423.619.551.990 — — [06/Jul/2018:14:44:05 +0300] "POST /index.php?page_id=1 HTTP/1.1" 200 795 "-" "-"

but this time the output on the page shows “Current page ID is 3”. Seems that this time, the Cookie value was used by the application.

A solution could be to log all the cookie parameters as well, but the amount that you’d log would only increase and would it actually help you? If at some point you will go through your logs, you still have to understand, which parameters were used by the application.

To illustrate, here’s a little quiz: what would the following request show on the page and what would you find in the log event?

POST /index.php?page_id=1&page_id=4 HTTP/1.1Host: www.unionselect1.euContent-Length: 29Content-Type: application/octet-stream application/x-www-form-urlencoded

page_id=2&page_id=5

(Hint: the page shows 5)

But how about this one?

POST /index.php?page_id=1&page_id=4 HTTP/1.1Host: www.unionselect1.euCookie: page_id=3; page_id=6Content-Length: 19Content-Type: application/octet-stream application/x-www-form-urlencoded

page_id=2&page_id=5

(Hint: it’s not 6, it’s 3)

Hang on, what is this sorcery!?!

Generated at https://imgflip.com/memegenerator/Jackie-Chan-WTF

To answer Jackie: it has to do with three factors:

The fact that the code uses the pre-mentioned $_REQUEST array, which combines GET, POST and COOKIE arrays, thus enables you to access all the request parameters from the same array.
The “request_order” parameter in PHP.ini which describes the order in which PHP registers GET, POST and Cookie variables into the $_REQUEST array.
The “variables_order” in PHP.ini which sets the order of the EGPCS (Environment, Get, Post, Cookie, and Server) variable parsing.

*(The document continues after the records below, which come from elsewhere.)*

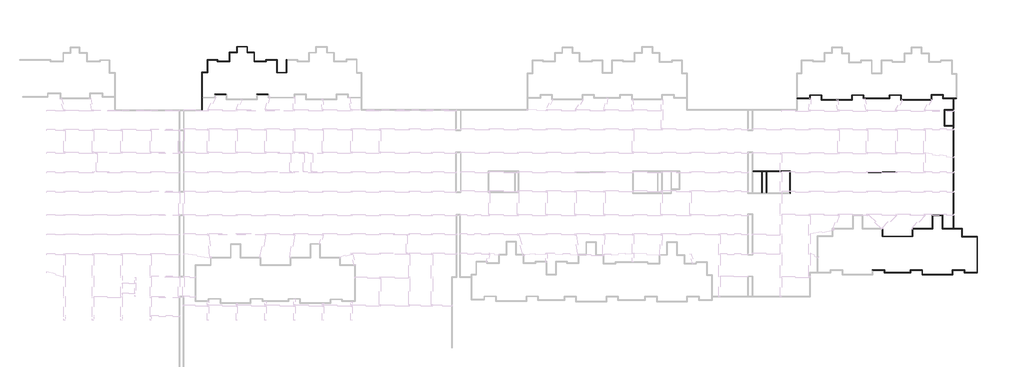
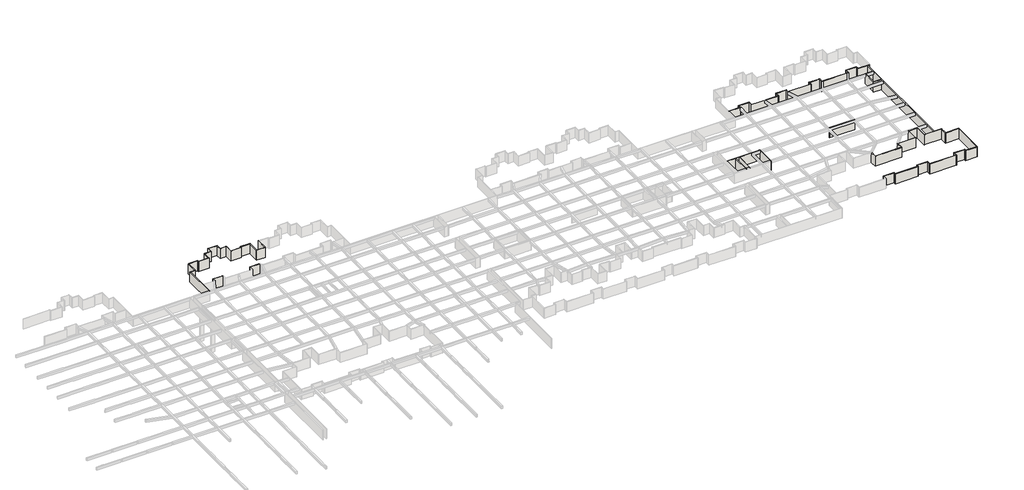
# One storey, part 7 of 16: 69 walls.
"""IFC4 building model written with IfcOpenShell, lengths in millimetres."""

from ifc_helpers import new_model, si_unit, origin, origin_with_axes, place, context, project, spatial, polyline, outline, extrude, faceted_brep, element, save

model = new_model("IFC4")

# Units and contexts
model_context = context("Model", 3, world=origin())
ifc_project = project(units=[si_unit("LENGTHUNIT", "METRE", prefix="MILLI")], contexts=[model_context])

# Site, building, storey
site = spatial("IfcSite", under=ifc_project)
building = spatial("IfcBuilding", under=site)
storey = spatial("IfcBuildingStorey", under=building, Name="户型图", Elevation=0.0)

# Walls
placement = place(None, origin())
element("IfcWall", 1, ObjectType="所有墙体", at=placement, inside=storey, context=model_context, shape_type="Brep", body=[
    faceted_brep([(261322.7517568, -132436.8999905, 0.0), (261322.7517568, -128960.8246701, 0.0), (261322.7517568, -128840.8246701, 0.0), (261322.7517568, -121956.8999905, 0.0), (261322.7517568, -121836.8999905, 0.0), (261322.7517568, -121836.8999905, 3300.0), (261322.7517568, -121956.8999905, 3300.0), (261322.7517568, -128840.8246701, 3300.0), (261322.7517568, -128960.8246701, 3300.0), (261322.7517568, -132436.8999905, 3300.0), (261202.7517568, -132436.8999905, 0.0), (261202.7517568, -132436.8999905, 3300.0), (261202.7517568, -121836.8999905, 3300.0), (261202.7517568, -121836.8999905, 0.0)], [[[0, 1, 2, 3, 4, 5, 6, 7, 8, 9]], [[10, 11, 12, 13]], [[4, 3, 2, 1, 0, 10, 13]], [[9, 8, 7, 6, 5, 12, 11]], [[0, 9, 11, 10]], [[5, 4, 13, 12]]]),
])
element("IfcWall", 2, ObjectType="所有墙体", at=placement, inside=storey, context=model_context, shape_type="Brep", body=[
    faceted_brep([(261322.7517568, -121956.8999905, 0.0), (262826.3863465, -121956.8999905, 0.0), (262826.3863465, -121956.8999905, 3300.0), (261322.7517568, -121956.8999905, 3300.0), (261322.7517568, -121836.8999905, 0.0), (261322.7517568, -121836.8999905, 3300.0), (262706.3863465, -121836.8999905, 3300.0), (262826.3863465, -121836.8999905, 3300.0), (262826.3863465, -121836.8999905, 0.0), (262706.3863465, -121836.8999905, 0.0)], [[[0, 1, 2, 3]], [[4, 5, 6, 7, 8, 9]], [[1, 0, 4, 9, 8]], [[3, 2, 7, 6, 5]], [[0, 3, 5, 4]], [[2, 1, 8, 7]]]),
])
element("IfcWall", 3, ObjectType="所有墙体", at=placement, inside=storey, context=model_context, shape_type="Brep", body=[
    faceted_brep([(262826.3863465, -121836.8999905, 0.0), (262826.3863465, -118414.1462395, 0.0), (262826.3863465, -118294.1462395, 0.0), (262826.3863465, -118294.1462395, 3300.0), (262826.3863465, -118414.1462395, 3300.0), (262826.3863465, -121836.8999905, 3300.0), (262706.3863465, -121836.8999905, 0.0), (262706.3863465, -121836.8999905, 3300.0), (262706.3863465, -118294.1462395, 3300.0), (262706.3863465, -118294.1462395, 0.0)], [[[0, 1, 2, 3, 4, 5]], [[6, 7, 8, 9]], [[2, 1, 0, 6, 9]], [[5, 4, 3, 8, 7]], [[0, 5, 7, 6]], [[3, 2, 9, 8]]]),
])
element("IfcWall", 4, ObjectType="所有墙体", at=placement, inside=storey, context=model_context, shape_type="Brep", body=[
    faceted_brep([(262826.3863465, -118414.1462395, 0.0), (265560.795916, -118414.1462395, 0.0), (265680.795916, -118414.1462395, 0.0), (265680.795916, -118414.1462395, 3300.0), (265560.795916, -118414.1462395, 3300.0), (262826.3863465, -118414.1462395, 3300.0), (262826.3863465, -118294.1462395, 0.0), (262826.3863465, -118294.1462395, 3300.0), (265680.795916, -118294.1462395, 3300.0), (265680.795916, -118294.1462395, 0.0)], [[[0, 1, 2, 3, 4, 5]], [[6, 7, 8, 9]], [[2, 1, 0, 6, 9]], [[5, 4, 3, 8, 7]], [[0, 5, 7, 6]], [[3, 2, 9, 8]]]),
])
element("IfcWall", 5, ObjectType="所有墙体", at=placement, inside=storey, context=model_context, shape_type="Brep", body=[
    faceted_brep([(265560.795916, -118414.1462395, 0.0), (265560.795916, -118816.941108, 0.0), (265560.795916, -118816.941108, 3300.0), (265560.795916, -118414.1462395, 3300.0), (265680.795916, -118414.1462395, 0.0), (265680.795916, -118414.1462395, 3300.0), (265680.795916, -118696.941108, 3300.0), (265680.795916, -118816.941108, 3300.0), (265680.795916, -118816.941108, 0.0), (265680.795916, -118696.941108, 0.0)], [[[0, 1, 2, 3]], [[4, 5, 6, 7, 8, 9]], [[1, 0, 4, 9, 8]], [[3, 2, 7, 6, 5]], [[0, 3, 5, 4]], [[2, 1, 8, 7]]]),
])
element("IfcWall", 6, ObjectType="所有墙体", at=placement, inside=storey, context=model_context, shape_type="Brep", body=[
    faceted_brep([(265680.795916, -118816.941108, 0.0), (268980.795916, -118816.941108, 0.0), (268980.795916, -118816.941108, 3300.0), (265680.795916, -118816.941108, 3300.0), (265680.795916, -118696.941108, 0.0), (265680.795916, -118696.941108, 3300.0), (268860.795916, -118696.941108, 3300.0), (268980.795916, -118696.941108, 3300.0), (268980.795916, -118696.941108, 0.0), (268860.795916, -118696.941108, 0.0)], [[[0, 1, 2, 3]], [[4, 5, 6, 7, 8, 9]], [[1, 0, 4, 9, 8]], [[3, 2, 7, 6, 5]], [[0, 3, 5, 4]], [[2, 1, 8, 7]]]),
])
element("IfcWall", 7, ObjectType="所有墙体", at=placement, inside=storey, context=model_context, shape_type="Brep", body=[
    faceted_brep([(268980.795916, -118696.941108, 0.0), (268980.795916, -116421.0126763, 0.0), (268980.795916, -116301.0126763, 0.0), (268980.795916, -116301.0126763, 3300.0), (268980.795916, -116421.0126763, 3300.0), (268980.795916, -118696.941108, 3300.0), (268860.795916, -118696.941108, 0.0), (268860.795916, -118696.941108, 3300.0), (268860.795916, -116301.0126763, 3300.0), (268860.795916, -116301.0126763, 0.0)], [[[0, 1, 2, 3, 4, 5]], [[6, 7, 8, 9]], [[2, 1, 0, 6, 9]], [[5, 4, 3, 8, 7]], [[0, 5, 7, 6]], [[3, 2, 9, 8]]]),
])
element("IfcWall", 8, ObjectType="所有墙体", at=placement, inside=storey, context=model_context, shape_type="Brep", body=[
    faceted_brep([(268980.795916, -116421.0126763, 0.0), (271083.6374023, -116421.0126763, 0.0), (271083.6374023, -116421.0126763, 3300.0), (268980.795916, -116421.0126763, 3300.0), (268980.795916, -116301.0126763, 0.0), (268980.795916, -116301.0126763, 3300.0), (270963.6374023, -116301.0126763, 3300.0), (271083.6374023, -116301.0126763, 3300.0), (271083.6374023, -116301.0126763, 0.0), (270963.6374023, -116301.0126763, 0.0)], [[[0, 1, 2, 3]], [[4, 5, 6, 7, 8, 9]], [[1, 0, 4, 9, 8]], [[3, 2, 7, 6, 5]], [[0, 3, 5, 4]], [[2, 1, 8, 7]]]),
])
element("IfcWall", 9, ObjectType="所有墙体", at=placement, inside=storey, context=model_context, shape_type="Brep", body=[
    faceted_brep([(271083.6374023, -116301.0126763, 0.0), (271083.6374023, -114773.3023088, 0.0), (271083.6374023, -114653.3023088, 0.0), (271083.6374023, -114653.3023088, 3300.0), (271083.6374023, -114773.3023088, 3300.0), (271083.6374023, -116301.0126763, 3300.0), (270963.6374023, -116301.0126763, 0.0), (270963.6374023, -116301.0126763, 3300.0), (270963.6374023, -114653.3023088, 3300.0), (270963.6374023, -114653.3023088, 0.0)], [[[0, 1, 2, 3, 4, 5]], [[6, 7, 8, 9]], [[2, 1, 0, 6, 9]], [[5, 4, 3, 8, 7]], [[0, 5, 7, 6]], [[3, 2, 9, 8]]]),
])
element("IfcWall", 10, ObjectType="所有墙体", at=placement, inside=storey, context=model_context, shape_type="Brep", body=[
    faceted_brep([(271083.6374023, -114773.3023088, 0.0), (273815.4218707, -114773.3023088, 0.0), (273935.4218707, -114773.3023088, 0.0), (273935.4218707, -114773.3023088, 3300.0), (273815.4218707, -114773.3023088, 3300.0), (271083.6374023, -114773.3023088, 3300.0), (271083.6374023, -114653.3023088, 0.0), (271083.6374023, -114653.3023088, 3300.0), (273935.4218707, -114653.3023088, 3300.0), (273935.4218707, -114653.3023088, 0.0)], [[[0, 1, 2, 3, 4, 5]], [[6, 7, 8, 9]], [[2, 1, 0, 6, 9]], [[5, 4, 3, 8, 7]], [[0, 5, 7, 6]], [[3, 2, 9, 8]]]),
])
element("IfcWall", 11, ObjectType="所有墙体", at=placement, inside=storey, context=model_context, shape_type="Brep", body=[
    faceted_brep([(273815.4218707, -114773.3023088, 0.0), (273815.4218707, -116421.0126763, 0.0), (273815.4218707, -116421.0126763, 3300.0), (273815.4218707, -114773.3023088, 3300.0), (273935.4218707, -114773.3023088, 0.0), (273935.4218707, -114773.3023088, 3300.0), (273935.4218707, -116301.0126763, 3300.0), (273935.4218707, -116421.0126763, 3300.0), (273935.4218707, -116421.0126763, 0.0), (273935.4218707, -116301.0126763, 0.0)], [[[0, 1, 2, 3]], [[4, 5, 6, 7, 8, 9]], [[1, 0, 4, 9, 8]], [[3, 2, 7, 6, 5]], [[0, 3, 5, 4]], [[2, 1, 8, 7]]]),
])
element("IfcWall", 12, ObjectType="所有墙体", at=placement, inside=storey, context=model_context, shape_type="Brep", body=[
    faceted_brep([(273935.4218707, -116421.0126763, 0.0), (275763.6122444, -116421.0126763, 0.0), (275883.6122444, -116421.0126763, 0.0), (275883.6122444, -116421.0126763, 3300.0), (275763.6122444, -116421.0126763, 3300.0), (273935.4218707, -116421.0126763, 3300.0), (273935.4218707, -116301.0126763, 0.0), (273935.4218707, -116301.0126763, 3300.0), (275883.6122444, -116301.0126763, 3300.0), (275883.6122444, -116301.0126763, 0.0)], [[[0, 1, 2, 3, 4, 5]], [[6, 7, 8, 9]], [[2, 1, 0, 6, 9]], [[5, 4, 3, 8, 7]], [[0, 5, 7, 6]], [[3, 2, 9, 8]]]),
])
element("IfcWall", 13, ObjectType="所有墙体", at=placement, inside=storey, context=model_context, shape_type="Brep", body=[
    faceted_brep([(275763.6122444, -116421.0126763, 0.0), (275763.6122444, -118816.941108, 0.0), (275763.6122444, -118816.941108, 3300.0), (275763.6122444, -116421.0126763, 3300.0), (275883.6122444, -116421.0126763, 0.0), (275883.6122444, -116421.0126763, 3300.0), (275883.6122444, -118696.941108, 3300.0), (275883.6122444, -118816.941108, 3300.0), (275883.6122444, -118816.941108, 0.0), (275883.6122444, -118696.941108, 0.0)], [[[0, 1, 2, 3]], [[4, 5, 6, 7, 8, 9]], [[1, 0, 4, 9, 8]], [[3, 2, 7, 6, 5]], [[0, 3, 5, 4]], [[2, 1, 8, 7]]]),
])
element("IfcWall", 14, ObjectType="所有墙体", at=placement, inside=storey, context=model_context, shape_type="Brep", body=[
    faceted_brep([(275883.6122444, -118816.941108, 0.0), (279180.1877082, -118816.941108, 0.0), (279180.1877082, -118816.941108, 3300.0), (275883.6122444, -118816.941108, 3300.0), (275883.6122444, -118696.941108, 0.0), (275883.6122444, -118696.941108, 3300.0), (279060.1877082, -118696.941108, 3300.0), (279180.1877082, -118696.941108, 3300.0), (279180.1877082, -118696.941108, 0.0), (279060.1877082, -118696.941108, 0.0)], [[[0, 1, 2, 3]], [[4, 5, 6, 7, 8, 9]], [[1, 0, 4, 9, 8]], [[3, 2, 7, 6, 5]], [[0, 3, 5, 4]], [[2, 1, 8, 7]]]),
])
element("IfcWall", 15, ObjectType="所有墙体", at=placement, inside=storey, context=model_context, shape_type="Brep", body=[
    faceted_brep([(279180.1877082, -118696.941108, 0.0), (279180.1877082, -118416.941108, 0.0), (279180.1877082, -118296.941108, 0.0), (279180.1877082, -118296.941108, 3300.0), (279180.1877082, -118416.941108, 3300.0), (279180.1877082, -118696.941108, 3300.0), (279060.1877082, -118696.941108, 0.0), (279060.1877082, -118696.941108, 3300.0), (279060.1877082, -118296.941108, 3300.0), (279060.1877082, -118296.941108, 0.0)], [[[0, 1, 2, 3, 4, 5]], [[6, 7, 8, 9]], [[2, 1, 0, 6, 9]], [[5, 4, 3, 8, 7]], [[0, 5, 7, 6]], [[3, 2, 9, 8]]]),
])
element("IfcWall", 16, ObjectType="所有墙体", at=placement, inside=storey, context=model_context, shape_type="Brep", body=[
    faceted_brep([(279180.1877082, -118416.941108, 0.0), (282060.1877082, -118416.941108, 0.0), (282180.1877082, -118416.941108, 0.0), (282180.1877082, -118416.941108, 3300.0), (282060.1877082, -118416.941108, 3300.0), (279180.1877082, -118416.941108, 3300.0), (279180.1877082, -118296.941108, 0.0), (279180.1877082, -118296.941108, 3300.0), (282180.1877082, -118296.941108, 3300.0), (282180.1877082, -118296.941108, 0.0)], [[[0, 1, 2, 3, 4, 5]], [[6, 7, 8, 9]], [[2, 1, 0, 6, 9]], [[5, 4, 3, 8, 7]], [[0, 5, 7, 6]], [[3, 2, 9, 8]]]),
])
element("IfcWall", 17, ObjectType="所有墙体", at=placement, inside=storey, context=model_context, shape_type="Brep", body=[
    faceted_brep([(282060.1877082, -118416.941108, 0.0), (282060.1877082, -122016.941108, 0.0), (282060.1877082, -122016.941108, 3300.0), (282060.1877082, -118416.941108, 3300.0), (282180.1877082, -118416.941108, 0.0), (282180.1877082, -118416.941108, 3300.0), (282180.1877082, -121896.941108, 3300.0), (282180.1877082, -122016.941108, 3300.0), (282180.1877082, -122016.941108, 0.0), (282180.1877082, -121896.941108, 0.0)], [[[0, 1, 2, 3]], [[4, 5, 6, 7, 8, 9]], [[1, 0, 4, 9, 8]], [[3, 2, 7, 6, 5]], [[0, 3, 5, 4]], [[2, 1, 8, 7]]]),
])
element("IfcWall", 18, ObjectType="所有墙体", at=placement, inside=storey, context=model_context, shape_type="Brep", body=[
    faceted_brep([(282180.1877082, -122016.941108, 0.0), (284876.4528769, -122016.941108, 0.0), (284876.4528769, -122016.941108, 3300.0), (282180.1877082, -122016.941108, 3300.0), (282180.1877082, -121896.941108, 0.0), (282180.1877082, -121896.941108, 3300.0), (284756.4528769, -121896.941108, 3300.0), (284876.4528769, -121896.941108, 3300.0), (284876.4528769, -121896.941108, 0.0), (284756.4528769, -121896.941108, 0.0)], [[[0, 1, 2, 3]], [[4, 5, 6, 7, 8, 9]], [[1, 0, 4, 9, 8]], [[3, 2, 7, 6, 5]], [[0, 3, 5, 4]], [[2, 1, 8, 7]]]),
])
element("IfcWall", 19, ObjectType="所有墙体", at=placement, inside=storey, context=model_context, shape_type="Brep", body=[
    faceted_brep([(284876.4528769, -121896.941108, 0.0), (284876.4528769, -118416.941108, 0.0), (284876.4528769, -118296.941108, 0.0), (284876.4528769, -118296.941108, 3300.0), (284876.4528769, -118416.941108, 3300.0), (284876.4528769, -121896.941108, 3300.0), (284756.4528769, -121896.941108, 0.0), (284756.4528769, -121896.941108, 3300.0), (284756.4528769, -118296.941108, 3300.0), (284756.4528769, -118296.941108, 0.0)], [[[0, 1, 2, 3, 4, 5]], [[6, 7, 8, 9]], [[2, 1, 0, 6, 9]], [[5, 4, 3, 8, 7]], [[0, 5, 7, 6]], [[3, 2, 9, 8]]]),
])
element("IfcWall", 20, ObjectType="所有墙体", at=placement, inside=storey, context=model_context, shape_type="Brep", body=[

In other words: a combination of poor software development practices and application server configuration might lead to a situation where the information logged might not express the behavior of the application. The same code can work differently in different servers, depending on the configuration of PHP in the server by using different request parameters (depending on their order).

What is the solution?

By secretlondon123 (originally posted to Flickr as way out) [CC BY-SA 2.0], via Wikimedia Commons

Use logging within the application and log the input values that are actually used by the program. It’s a good idea to log in Apache as well (e.g. to log attacks with unexpected input values etc) but if you want to get an understanding about what is going on in the application, you must log on the application level and as close to the data processing as possible.
A friend once told me: “A good program does what it’s supposed to do. A secure program ONLY does what it’s supposed to do”. Use only expected parameters as input values and only from the sources you’re expecting them from. So instead of REQUEST use GET and POST when either is needed.
Know your systems, know your settings and test your implementation in practise. There is no time to figure out “which parameter did what” when you are in the middle of solving an incident and are already analysing logs. You have to know how your application works in advance.